[Dataset items]
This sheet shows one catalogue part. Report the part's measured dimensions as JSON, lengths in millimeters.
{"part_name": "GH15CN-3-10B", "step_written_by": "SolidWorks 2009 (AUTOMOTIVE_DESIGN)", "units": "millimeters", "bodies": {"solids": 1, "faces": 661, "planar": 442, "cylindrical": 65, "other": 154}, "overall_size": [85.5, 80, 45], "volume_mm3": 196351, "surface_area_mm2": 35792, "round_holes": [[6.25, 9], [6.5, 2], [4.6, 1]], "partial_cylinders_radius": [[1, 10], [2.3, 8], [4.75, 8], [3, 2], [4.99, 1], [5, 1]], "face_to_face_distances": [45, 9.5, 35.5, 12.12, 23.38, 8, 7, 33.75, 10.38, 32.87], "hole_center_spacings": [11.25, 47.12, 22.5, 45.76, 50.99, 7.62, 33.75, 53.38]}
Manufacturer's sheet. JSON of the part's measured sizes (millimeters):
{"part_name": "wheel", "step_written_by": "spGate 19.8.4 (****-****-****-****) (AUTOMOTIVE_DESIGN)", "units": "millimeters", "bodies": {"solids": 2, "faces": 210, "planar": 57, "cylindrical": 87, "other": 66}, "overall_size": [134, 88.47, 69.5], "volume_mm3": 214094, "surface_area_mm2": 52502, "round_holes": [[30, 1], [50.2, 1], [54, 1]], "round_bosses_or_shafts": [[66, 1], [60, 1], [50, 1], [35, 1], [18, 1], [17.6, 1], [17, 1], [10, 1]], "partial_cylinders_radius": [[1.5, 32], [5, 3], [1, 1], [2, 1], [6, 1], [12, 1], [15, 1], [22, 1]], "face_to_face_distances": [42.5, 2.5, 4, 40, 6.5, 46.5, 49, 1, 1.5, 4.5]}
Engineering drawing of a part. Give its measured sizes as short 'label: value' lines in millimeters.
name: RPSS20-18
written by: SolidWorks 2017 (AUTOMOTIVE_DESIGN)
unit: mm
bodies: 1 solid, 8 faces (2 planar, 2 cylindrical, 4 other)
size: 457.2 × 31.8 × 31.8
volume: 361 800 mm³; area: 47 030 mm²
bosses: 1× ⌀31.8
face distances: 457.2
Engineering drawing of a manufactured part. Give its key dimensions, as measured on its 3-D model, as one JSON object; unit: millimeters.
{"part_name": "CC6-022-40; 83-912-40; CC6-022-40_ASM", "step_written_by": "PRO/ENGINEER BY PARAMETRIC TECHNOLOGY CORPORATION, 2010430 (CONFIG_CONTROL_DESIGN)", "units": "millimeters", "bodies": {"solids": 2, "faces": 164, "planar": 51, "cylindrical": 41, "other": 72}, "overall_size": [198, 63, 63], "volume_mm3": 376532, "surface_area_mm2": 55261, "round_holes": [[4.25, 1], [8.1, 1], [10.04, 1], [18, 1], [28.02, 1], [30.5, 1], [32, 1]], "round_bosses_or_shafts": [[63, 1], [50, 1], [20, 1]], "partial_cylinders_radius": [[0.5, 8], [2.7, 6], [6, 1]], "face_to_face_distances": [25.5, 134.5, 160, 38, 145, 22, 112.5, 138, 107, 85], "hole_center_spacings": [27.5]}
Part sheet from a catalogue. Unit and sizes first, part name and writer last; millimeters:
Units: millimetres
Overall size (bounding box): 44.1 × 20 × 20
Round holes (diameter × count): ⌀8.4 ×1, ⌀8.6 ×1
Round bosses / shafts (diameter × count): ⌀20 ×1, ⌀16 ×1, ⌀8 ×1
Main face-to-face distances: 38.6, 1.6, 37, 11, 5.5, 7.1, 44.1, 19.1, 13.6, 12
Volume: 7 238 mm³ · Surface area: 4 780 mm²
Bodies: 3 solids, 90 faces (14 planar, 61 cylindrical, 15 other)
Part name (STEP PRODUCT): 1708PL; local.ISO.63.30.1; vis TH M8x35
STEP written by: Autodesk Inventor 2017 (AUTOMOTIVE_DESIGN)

**ACTION ITEM**
Your job here is to copy the entries above exactly.

**ANSWER TO THIS PROBLEM**
This sheet shows one catalogue part. Report the part's measured dimensions as JSON, lengths in millimeters.
{"part_name": "GH15CN-3-10B", "step_written_by": "SolidWorks 2009 (AUTOMOTIVE_DESIGN)", "units": "millimeters", "bodies": {"solids": 1, "faces": 661, "planar": 442, "cylindrical": 65, "other": 154}, "overall_size": [85.5, 80, 45], "volume_mm3": 196351, "surface_area_mm2": 35792, "round_holes": [[6.25, 9], [6.5, 2], [4.6, 1]], "partial_cylinders_radius": [[1, 10], [2.3, 8], [4.75, 8], [3, 2], [4.99, 1], [5, 1]], "face_to_face_distances": [45, 9.5, 35.5, 12.12, 23.38, 8, 7, 33.75, 10.38, 32.87], "hole_center_spacings": [11.25, 47.12, 22.5, 45.76, 50.99, 7.62, 33.75, 53.38]}
Manufacturer's sheet. JSON of the part's measured sizes (millimeters):
{"part_name": "wheel", "step_written_by": "spGate 19.8.4 (****-****-****-****) (AUTOMOTIVE_DESIGN)", "units": "millimeters", "bodies": {"solids": 2, "faces": 210, "planar": 57, "cylindrical": 87, "other": 66}, "overall_size": [134, 88.47, 69.5], "volume_mm3": 214094, "surface_area_mm2": 52502, "round_holes": [[30, 1], [50.2, 1], [54, 1]], "round_bosses_or_shafts": [[66, 1], [60, 1], [50, 1], [35, 1], [18, 1], [17.6, 1], [17, 1], [10, 1]], "partial_cylinders_radius": [[1.5, 32], [5, 3], [1, 1], [2, 1], [6, 1], [12, 1], [15, 1], [22, 1]], "face_to_face_distances": [42.5, 2.5, 4, 40, 6.5, 46.5, 49, 1, 1.5, 4.5]}
Engineering drawing of a part. Give its measured sizes as short 'label: value' lines in millimeters.
name: RPSS20-18
written by: SolidWorks 2017 (AUTOMOTIVE_DESIGN)
unit: mm
bodies: 1 solid, 8 faces (2 planar, 2 cylindrical, 4 other)
size: 457.2 × 31.8 × 31.8
volume: 361 800 mm³; area: 47 030 mm²
bosses: 1× ⌀31.8
face distances: 457.2
Engineering drawing of a manufactured part. Give its key dimensions, as measured on its 3-D model, as one JSON object; unit: millimeters.
{"part_name": "CC6-022-40; 83-912-40; CC6-022-40_ASM", "step_written_by": "PRO/ENGINEER BY PARAMETRIC TECHNOLOGY CORPORATION, 2010430 (CONFIG_CONTROL_DESIGN)", "units": "millimeters", "bodies": {"solids": 2, "faces": 164, "planar": 51, "cylindrical": 41, "other": 72}, "overall_size": [198, 63, 63], "volume_mm3": 376532, "surface_area_mm2": 55261, "round_holes": [[4.25, 1], [8.1, 1], [10.04, 1], [18, 1], [28.02, 1], [30.5, 1], [32, 1]], "round_bosses_or_shafts": [[63, 1], [50, 1], [20, 1]], "partial_cylinders_radius": [[0.5, 8], [2.7, 6], [6, 1]], "face_to_face_distances": [25.5, 134.5, 160, 38, 145, 22, 112.5, 138, 107, 85], "hole_center_spacings": [27.5]}
Part sheet from a catalogue. Unit and sizes first, part name and writer last; millimeters:
Units: millimetres
Overall size (bounding box): 44.1 × 20 × 20
Round holes (diameter × count): ⌀8.4 ×1, ⌀8.6 ×1
Round bosses / shafts (diameter × count): ⌀20 ×1, ⌀16 ×1, ⌀8 ×1
Main face-to-face distances: 38.6, 1.6, 37, 11, 5.5, 7.1, 44.1, 19.1, 13.6, 12
Volume: 7 238 mm³ · Surface area: 4 780 mm²
Bodies: 3 solids, 90 faces (14 planar, 61 cylindrical, 15 other)
Part name (STEP PRODUCT): 1708PL; local.ISO.63.30.1; vis TH M8x35
STEP written by: Autodesk Inventor 2017 (AUTOMOTIVE_DESIGN)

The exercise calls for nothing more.